The U.S. stock market passed a major milestone in Week 4 of January 2017, but one that's just not as big a deal as the market's next major milestone, which isn't far away.
We'll discuss that a little bit more after reviewing the rest of the week's news. For now, we find that the S&P 500 continued to behave as expected during the fourth week of January 2017.
Let's get to the more significant market-driving headlines for the week that was.
- Monday, 23 January 2017
- Fed's Lacker favors faster rate hike path to curb inflation
- Oil slips as U.S. drilling recovery offsets OPEC-led cuts
- Trump signs order withdrawing U.S. from Trans-Pacific trade deal
- Good example of what we meant when we mentioned "noise out of Washington D.C." last week. President Trump's action came at approximately noon, which marked the bottom for the market during the day, after which stock prices went on to recover a little over half of its range for the day.
- Wall Street dips on Trump protectionism, Qualcomm drag
- Tuesday, 24 January 2017
- Trump signs executive orders on manufacturing, infrastructure
- U.S. home sales drop as supply tumbles to 17-year low
- S&P 500, Nasdaq set records as tech, banks lead
- The S&P 500 is on course to do something it hasn’t in 52 years
- You have to love stories like this one, which come on the day before certain CNBC reporters' long-held wishes are finally granted!
- Wednesday, 25 January 2017
- Thursday, 26 January 2017
- Friday, 27 January 2017
- Fed to stop mortgage reinvestments in 2018: Morgan Stanley
- If so, this will mark the real end of the Fed's third round of quantitative easing, which it has quietly kept going at low levels since the taper "officially" ended in the fourth quarter of 2014. The Fed has been using its proceeds from the loans that government entities Fannie Mae and Freddie Mac have been paying back since the financial crisis to continue funding its low volume purchases of Mortgage Backed Securities.
- Oil prices fall as U.S. drillers add rigs
- Wall Street slips after soft GDP data, earnings
Elsewhere, Barry Ritholtz summarized the week's positives and negatives for the U.S. economy and markets.
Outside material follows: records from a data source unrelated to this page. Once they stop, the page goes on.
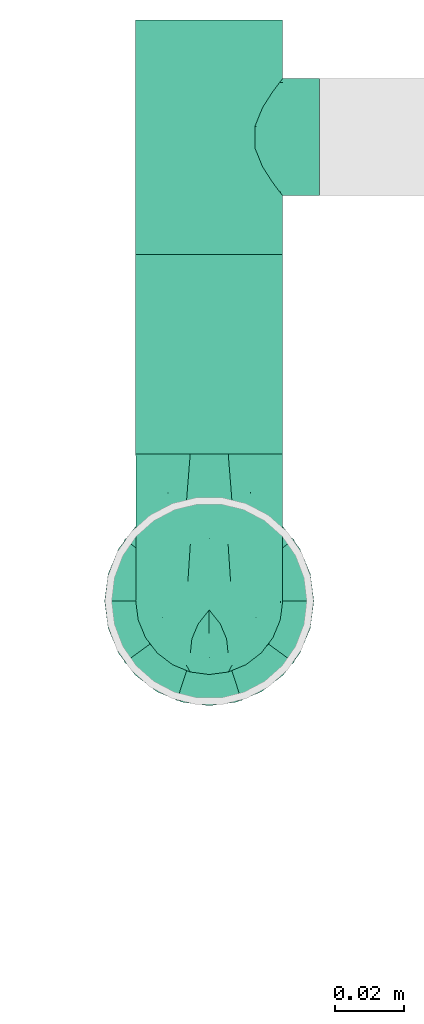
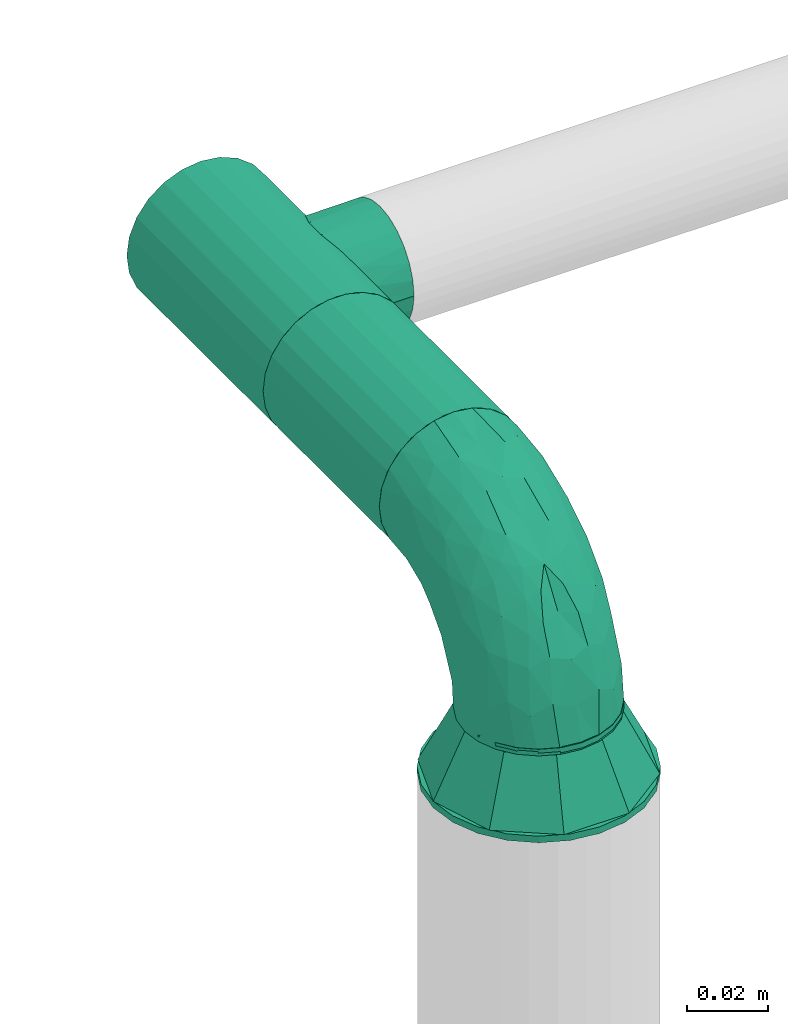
# One storey, part 57 of 63: 3 flow fittings, 1 flow segment.
"""IFC2X3 building model written with IfcOpenShell, lengths in millimetres."""

from ifc_helpers import new_model, entity, si_unit, converted_unit, derived_unit, direction, frame, origin_with_axes, origin_2d_with_axis, place, context, subcontext, project, spatial, hollow_circle, extrude, open_shell, surface_model, source, transform, mapped, type_object, element, save


model = new_model("IFC2X3")

# Units and contexts
model_context = context("Model", 3, precision=0.01, world=frame((0.0, 4.29681676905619e-09, 0.0)), true_north=direction((4.01073788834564e-13, 1.0)))
plan_context = context("Plan", 3, precision=0.01, world=frame((0.0, 4.29681676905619e-09, 0.0)), true_north=direction((4.01073788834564e-13, 1.0)))
body_context = subcontext(model_context, "Body", "Model", "MODEL_VIEW")
ifc_project = project(units=[converted_unit("PLANEANGLEUNIT", "DEGREE", entity("IfcPositiveLengthMeasure", 0.0174532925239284), si_unit("PLANEANGLEUNIT", "RADIAN"), dimensions=[0, 0, 0, 0, 0, 0, 0]), si_unit("AREAUNIT", "SQUARE_METRE"), si_unit("LENGTHUNIT", "METRE", prefix="MILLI"), si_unit("MASSUNIT", "GRAM", prefix="KILO"), si_unit("POWERUNIT", "WATT"), si_unit("PRESSUREUNIT", "PASCAL", prefix="KILO"), si_unit("FORCEUNIT", "NEWTON", prefix="KILO"), si_unit("ELECTRICVOLTAGEUNIT", "VOLT"), si_unit("ELECTRICCURRENTUNIT", "AMPERE"), si_unit("THERMODYNAMICTEMPERATUREUNIT", "DEGREE_CELSIUS"), si_unit("TIMEUNIT", "SECOND"), si_unit("VOLUMEUNIT", "CUBIC_METRE"), derived_unit("LINEARVELOCITYUNIT", [(si_unit("LENGTHUNIT", "METRE"), 1), (si_unit("TIMEUNIT", "SECOND"), -1)]), derived_unit("VOLUMETRICFLOWRATEUNIT", [(si_unit("VOLUMEUNIT", "CUBIC_METRE"), 1), (si_unit("TIMEUNIT", "SECOND"), -1)]), derived_unit("THERMALTRANSMITTANCEUNIT", [(si_unit("POWERUNIT", "WATT"), 1), (si_unit("THERMODYNAMICTEMPERATUREUNIT", "KELVIN"), -1), (si_unit("AREAUNIT", "SQUARE_METRE"), -1)]), derived_unit("SOUNDPRESSUREUNIT", [(si_unit("PRESSUREUNIT", "PASCAL"), 1)])], contexts=[model_context, plan_context])

# Site, building, storey
site_placement = place(None, frame((0.0, -4.29681676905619e-09, 0.0), z_axis=(0.0, 0.0, 1.0), x_axis=(1.0, 0.0, 0.0)))
site = spatial("IfcSite", under=ifc_project, at=site_placement, CompositionType="ELEMENT")
building_placement = place(site_placement, frame((0.0, 4.29681676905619e-09, 0.0), z_axis=(0.0, 0.0, 1.0), x_axis=(1.0, 0.0, 0.0)))
building = spatial("IfcBuilding", under=site, at=building_placement, Name="mc-building", CompositionType="ELEMENT")
storey_placement = place(building_placement, frame((0.0, 0.0, 207370.0), z_axis=(0.0, 0.0, 1.0), x_axis=(1.0, 0.0, 0.0)))
storey = spatial("IfcBuildingStorey", under=building, at=storey_placement, Name="Nivå E", CompositionType="ELEMENT", Elevation=207370.0)

# Flow fittings
pipe_fitting_type_1 = type_object("IfcPipeFittingType", Name="magi_pipe_fe_elbow_short_001", PredefinedType="BEND")
shared_shape_1 = source(origin_with_axes(), body_context, "Body", "SurfaceModel", [
    surface_model("IfcShellBasedSurfaceModel", [(-42.4, 10.6, -18.35974), (-42.4, 5.48696, -20.47763), (-42.4, 0.0, -21.2), (-42.4, 14.99066, -14.99066), (-42.4, 20.47763, -5.48696), (-42.4, 18.35974, -10.6), (-42.4, -14.99066, 14.99066), (-42.4, -21.2, 0.0), (-42.4, -10.6, -18.35974), (-42.4, -14.99066, -14.99066), (-42.4, -5.48696, -20.47763), (-42.4, -18.35974, -10.6), (-42.4, -20.47763, -5.48696), (-42.4, 10.6, 18.35974), (-42.4, 20.47763, 5.48696), (-42.4, 18.35974, 10.6), (-42.4, 14.99066, 14.99066), (-42.4, 5.48696, 20.47763), (-42.4, 0.0, 21.2), (-42.4, -20.47763, 5.48696), (-42.4, -18.35974, 10.6), (-42.4, -10.6, 18.35974), (-42.4, -5.48696, 20.47763), (-42.4, 21.2, 0.0), (0.0, 42.4, -21.2), (-5.48696, 42.4, -20.47763), (-10.6, 42.4, -18.35974), (-14.99066, 42.4, -14.99066), (-18.35974, 42.4, -10.6), (-20.47763, 42.4, -5.48696), (21.2, 42.4, 0.0), (5.48696, 42.4, -20.47763), (14.99066, 42.4, -14.99066), (10.6, 42.4, -18.35974), (18.35974, 42.4, -10.6), (20.47763, 42.4, -5.48696), (14.99066, 42.4, 14.99066), (-20.47763, 42.4, 5.48696), (-10.6, 42.4, 18.35974), (-14.99066, 42.4, 14.99066), (-18.35974, 42.4, 10.6), (-5.48696, 42.4, 20.47763), (0.0, 42.4, 21.2), (18.35974, 42.4, 10.6), (20.47763, 42.4, 5.48696), (5.48696, 42.4, 20.47763), (10.6, 42.4, 18.35974), (-21.2, 42.4, 0.0), (-31.10239, -16.47009, 11.90111), (-27.83957, -12.231, 15.79732), (-30.23067, -18.77937, 0.0), (-18.74048, -13.50096, 10.69998), (-28.17586, -18.50359, 6.61185), (18.50359, 28.17586, 6.61185), (14.95929, 16.60735, 5.43468), (16.35874, 18.06133, 0.0), (-20.72313, 33.83635, 9.21426), (-17.70981, 33.00599, 13.92769), (-31.16033, -8.01664, 19.07348), (-32.38682, -2.80842, 20.83743), (-29.68688, 3.24967, 21.16387), (-7.74467, -9.46536, 0.0), (-16.60735, -14.95929, 5.43468), (-18.06133, -16.35874, 0.0), (-16.37932, -5.14532, 17.61254), (-21.10659, -0.19025, 20.54817), (-1.82445, -3.58377, 9.55223), (-0.35533, 0.43745, 12.66367), (-7.20655, -5.07682, 13.06146), (-33.14056, 17.6728, 13.91288), (-7.36799, 20.84806, 21.16196), (-15.70315, 15.70315, 20.68489), (-12.62356, 9.26422, 21.0908), (-36.67879, 12.83836, 17.27427), (-7.91358, 36.5686, 19.85759), (-2.90555, 31.71221, 21.14793), (-33.84689, 20.71971, 9.21285), (-33.51649, 22.58113, 4.66115), (-26.3226, 26.3226, 7.92474), (-32.67995, 8.31454, 20.02643), (-5.53379, 14.19921, 20.81623), (-10.53385, 3.88918, 19.79653), (-2.16577, 11.45378, 19.48254), (-3.78693, 3.78693, 17.3328), (12.231, 27.83957, 15.79732), (13.50096, 18.74047, 10.69998), (16.47009, 31.10239, 11.90111), (-22.53806, 14.38475, 19.60876), (-23.29615, 9.08095, 20.82061), (2.80842, 32.38682, 20.83743), (8.01664, 31.16033, 19.07348), (5.14532, 16.37932, 17.61254), (18.77937, 30.23067, 0.0), (-20.80278, 5.19491, 21.19095), (-19.62579, 22.38752, 17.42006), (-29.19336, 14.39093, 17.85259), (-22.31569, 34.20044, 4.54807), (-26.56962, 27.80621, 3.73106), (9.67657, 17.17133, 14.49993), (-24.04026, 31.8, 0.0), (-9.16861, 28.72652, 20.19004), (-12.09761, 21.9456, 20.37969), (-15.36991, 27.40112, 17.818), (-16.88976, 20.52477, 19.2896), (-12.95169, 35.54896, 17.36222), (-17.17133, -9.67657, 14.49993), (-21.98655, 28.10245, 11.99898), (-22.34699, 23.67592, 15.01692), (-27.22822, 22.77969, 11.82161), (0.19025, 21.10658, 20.54817), (4.8276, 7.36347, 13.42842), (-10.06209, -9.46364, 9.95114), (1.25876, -2.7536, 5.73797), (6.43781, 3.77591, 7.40371), (6.57528, 2.20066, 3.17705), (10.91934, 8.84313, 5.00748), (10.64415, 10.99764, 8.89767), (-31.8, 24.04026, 0.0), (-5.71381, -8.43063, 6.15529), (2.57199, -2.57199, 0.0), (9.46536, 7.74467, 0.0), (-17.17133, -9.67657, -14.49993), (-27.83957, -12.231, -15.79732), (-16.37932, -5.14532, -17.61254), (-18.74048, -13.50096, -10.69998), (-33.00599, 17.70981, -13.92769), (-35.54896, 12.95169, -17.36222), (-34.20044, 22.31569, -4.54807), (-28.17586, -18.50359, -6.61185), (-26.3226, 26.3226, -7.92474), (-33.83635, 20.72313, -9.21426), (-16.60735, -14.95929, -5.43468), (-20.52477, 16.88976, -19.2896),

Looking forward again, the next big psychological threshold for the market is more meaningful than Dow 20,000 - it's S&P 2300!
Today, the S&P 500 rules. And that’s why a record high close above 2300 (it briefly crossed that milestone intraday on Thursday before closing a little more than 5 points shy Friday) carries more weight than the headline-grabbing Dow 20,000.
“The S&P 500,” says Bill Hornbarger, chief investment strategist at Moneta Group, “has surpassed the Dow in terms of its importance. The simple reason is that it is broader and more representative of the domestic economy.”
The Dow, for example, only has six tech stocks, and mainly old-tech names like Microsoft, Intel and IBM, versus more than five dozen tech stocks in the S&P 500. The Dow doesn’t have online-advertising giant Alphabet (the parent of Google) or social media giant Facebook or online-retail powerhouse Amazon.com. Nor does the blue-chip Dow have any exposure to the utilities or real estate sectors, or regional banks like Cincinnati-based Fifth Third Bank or oil services-related firms like Schlumberger.
Money flows show the S&P 500's supremacy. Currently, $2.1 trillion is invested in “passively managed” index mutual funds and exchanged traded funds that mimic the S&P 500, vs. only $35.6 billion invested in these types of funds that track the Dow, according to S&P Dow Jones Indices.
Sure, we could spend time forecasting where the Dow will go next, but it just isn't as meaningful an exercise as it is for the S&P 500!